Invalidità civile – Domanda al compimento dei 18 anni – Destinatari

10/08/2018 0 Di Redazione

Anche se con le modifiche apportate dal DL n. 90/2014, non si prevede più la presentazione della domanda in via amministrativa, tutti i destinatari delle nuove disposizioni sono tenuti a presentare al raggiungimento del 18° anno il modello AP70 che attesti il possesso dei requisiti socio-economici previsti dalla normativa vigente

L’articolo 25 della legge n.114/14 – di conversione del decreto-legge 24 giugno 2014 n. 90 –  ha introdotto ulteriori novità per  le persone  invalide. In particolare, nell’ambito delle provvidenze economiche concesse per invalidità civile sono stati disposti alcuni cambiamenti rilevanti alle norme, fino ad oggi in vigore,  per quanto concerne  i minori titolari di indennità di frequenza, indennità di accompagnamento  e indennità di comunicazione.

Invalidi maggiorenni titolari di indennità di accompagnamento o di comunicazione
Il comma 6 della legge n. 114/14 (legge di conversione del decreto legge n.90/14) ha stabilito che sono attribuite al compimento della maggiore età,  e senza ulteriori accertamenti sanitari, le prestazioni economiche concesse agli invalidi maggiorenni, (ferma restando la sussistenza degli altri requisiti previsti dalla normativa di settore).

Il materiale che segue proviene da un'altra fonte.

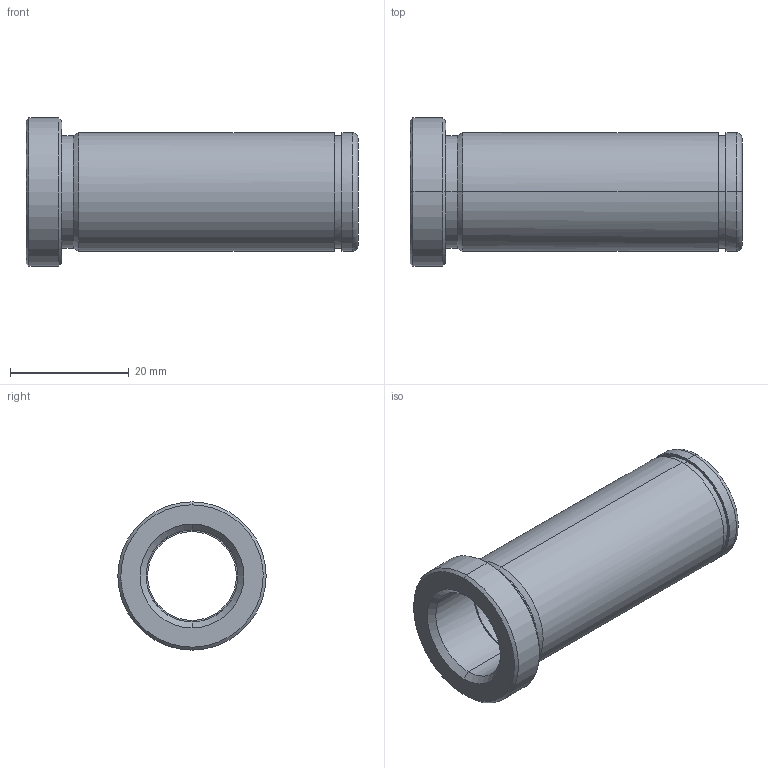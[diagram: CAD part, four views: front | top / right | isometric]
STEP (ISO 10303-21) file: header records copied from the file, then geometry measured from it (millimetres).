
FILE_DESCRIPTION(('CATIA V5 STEP Exchange'),'2;1');
FILE_NAME('C:\Users\Utente\Desktop\IO LAVORO\3D X SITO CF\X SITO\PLASTICA\553\553-15X56.stp','2021-05-21T18:36:23+00:00',('none'),('none'),'CATIA Version 5 Release 20 GA (IN-10)','CATIA V5 STEP AP203','none');
FILE_SCHEMA(('CONFIG_CONTROL_DESIGN'));
Length unit declared in the file: millimetre
Products named in the file (1): 553-15X56
Bounding box: 56 x 25 x 25 mm (x, y, z)
Volume: 8441.2 mm3; surface area: 6853.5 mm2
Topology: 1 solids, 1 shells, 31 faces, 98 edges, 72 vertices
Faces by surface type: cylinder 14, cone 8, plane 5, torus 4
Entity records: 1288 total; most frequent: CARTESIAN_POINT 384, ORIENTED_EDGE 196, DIRECTION 144, EDGE_CURVE 98, AXIS2_PLACEMENT_3D 92, VERTEX_POINT 72, CIRCLE 60, EDGE_LOOP 36
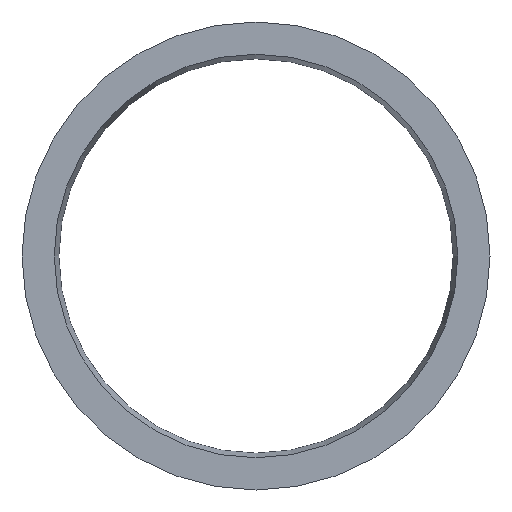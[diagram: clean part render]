
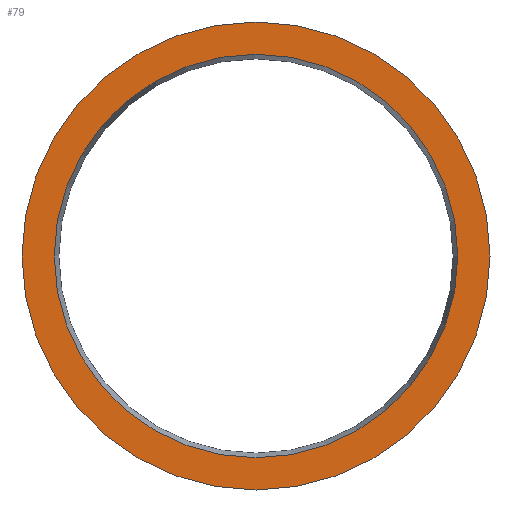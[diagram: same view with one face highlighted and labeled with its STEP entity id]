
A CAD part, front view. The second image highlights one B-rep face of the part: STEP entity #79.
In plain terms, the highlighted planar face has unit normal (0, -1, 0).
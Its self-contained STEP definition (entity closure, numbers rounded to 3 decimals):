
#79 = ADVANCED_FACE( '', ( #94, #95 ), #96, .T. );
#94 = FACE_OUTER_BOUND( '', #112, .T. );
#95 = FACE_BOUND( '', #113, .T. );
#96 = PLANE( '', #114 );
#112 = EDGE_LOOP( '', ( #138 ) );
#113 = EDGE_LOOP( '', ( #139 ) );
#114 = AXIS2_PLACEMENT_3D( '', #140, #141, #142 );
#138 = ORIENTED_EDGE( '', *, *, #153, .T. );
#139 = ORIENTED_EDGE( '', *, *, #152, .F. );
#140 = CARTESIAN_POINT( '', ( 15., 0., 0. ) );
#141 = DIRECTION( '', ( 0., -1., 0. ) );
#142 = DIRECTION( '', ( 0., 0., -1. ) );
#152 = EDGE_CURVE( '', #162, #162, #163, .T. );
#153 = EDGE_CURVE( '', #164, #164, #165, .T. );
#162 = VERTEX_POINT( '', #174 );
#163 = CIRCLE( '', #175, 15. );
#164 = VERTEX_POINT( '', #176 );
#165 = CIRCLE( '', #177, 17.4 );
#174 = CARTESIAN_POINT( '', ( 0., 0., -15. ) );
#175 = AXIS2_PLACEMENT_3D( '', #190, #191, #192 );
#176 = CARTESIAN_POINT( '', ( 0., 0., -17.4 ) );
#177 = AXIS2_PLACEMENT_3D( '', #193, #194, #195 );
#190 = CARTESIAN_POINT( '', ( 0., 0., 0. ) );
#191 = DIRECTION( '', ( 0., -1., 0. ) );
#192 = DIRECTION( '', ( 0., 0., -1. ) );
#193 = CARTESIAN_POINT( '', ( 0., 0., 0. ) );
#194 = DIRECTION( '', ( 0., -1., 0. ) );
#195 = DIRECTION( '', ( 0., 0., -1. ) );
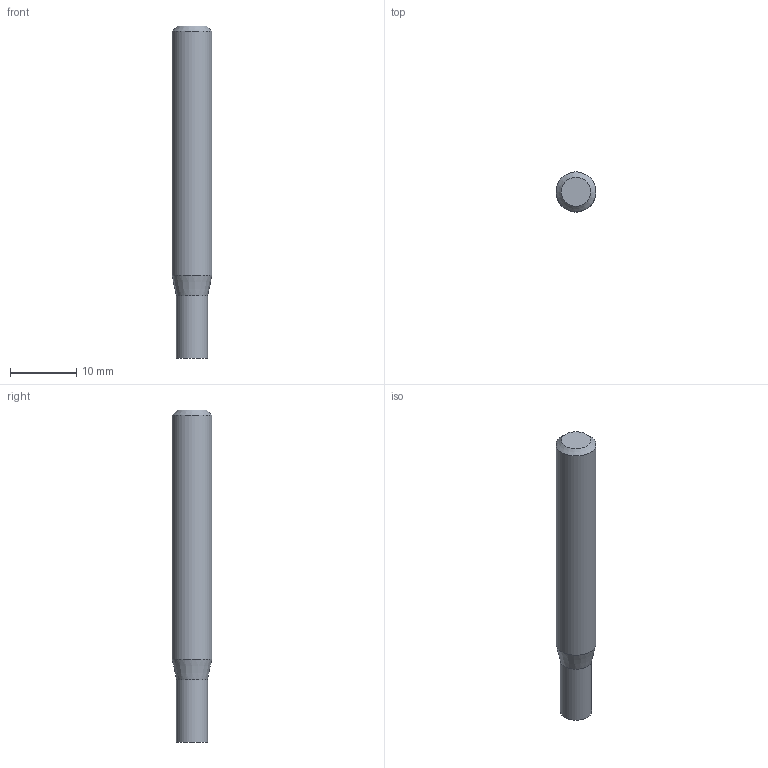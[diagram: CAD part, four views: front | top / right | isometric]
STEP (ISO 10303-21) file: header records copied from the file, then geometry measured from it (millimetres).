
FILE_DESCRIPTION((''),'2;1');
FILE_NAME('C:\Users\nsx150\AppData\Local\Temp\Mastercam 2021\E36A1X9CCL\TEMP.step','2023-04-21T15:13:02',(''),(''),'STEP Write','Mastercam 2021 ... CNC Software, Inc.','');
FILE_SCHEMA(('AUTOMOTIVE_DESIGN'));
Length unit declared in the file: millimetre
Products named in the file (1): None
Bounding box: 6 x 6 x 50 mm (x, y, z)
Volume: 1288.1 mm3; surface area: 969.6 mm2
Topology: 2 solids, 2 shells, 8 faces, 10 edges, 6 vertices
Faces by surface type: plane 4, cylinder 2, cone 2
Full cylindrical faces by diameter (mm): 4.7 x1, 6 x1
Entity records: 190 total; most frequent: DIRECTION 32, CARTESIAN_POINT 22, AXIS2_PLACEMENT_3D 16, ORIENTED_EDGE 12, EDGE_LOOP 12, STYLED_ITEM 11, ADVANCED_FACE 8, VERTEX_POINT 6

I destinatari i questo beneficio sono:

  • minori invalidi civili titolari di indennità di accompagnamento;
  • ciechi civili (di cui la legge 406/68 e legge 382/70);
  • sordi civili titolari d’indennità di comunicazione;
  • coloro a cui è stato concesso l’esonero a future visite di revisione
    da parte delle commissioni mediche per i controlli straordinari (legge 3
    agosto 2009, n. 102).

Con il Messaggio n. 7382 dell’ 1 ottobre 2014, l’Inps ha fornito le istruzioni per l’attuazione di quanto previsto dalla legge n. 114 dell’11 agosto 2014 (di conversione del decreto legge n. 90/2014) a beneficio dei minori – già titolari di indennità di accompagnamento o comunicazione nonché quelli rientranti nelle previsioni di cui al DM 2 agosto 2007, inclusi i soggetti affetti da sindrome da talidomide o da sindrome di Down (comma 6 dell’art. 25) – in occasione del raggiungimento della maggiore età, prevedendo la sola necessità dell’accertamento dei requisiti socio-reddituali (modello AP70) per attribuire il diritto alle prestazioni economiche erogabili agli invalidi maggiorenni.

Diversamente da quanto previsto per l’indennità di frequenza (art. 25, comma 5), nella fattispecie in esame è quindi richiesto l’accertamento della sola sussistenza degli altri requisiti socio-reddituali previsti dalla legge.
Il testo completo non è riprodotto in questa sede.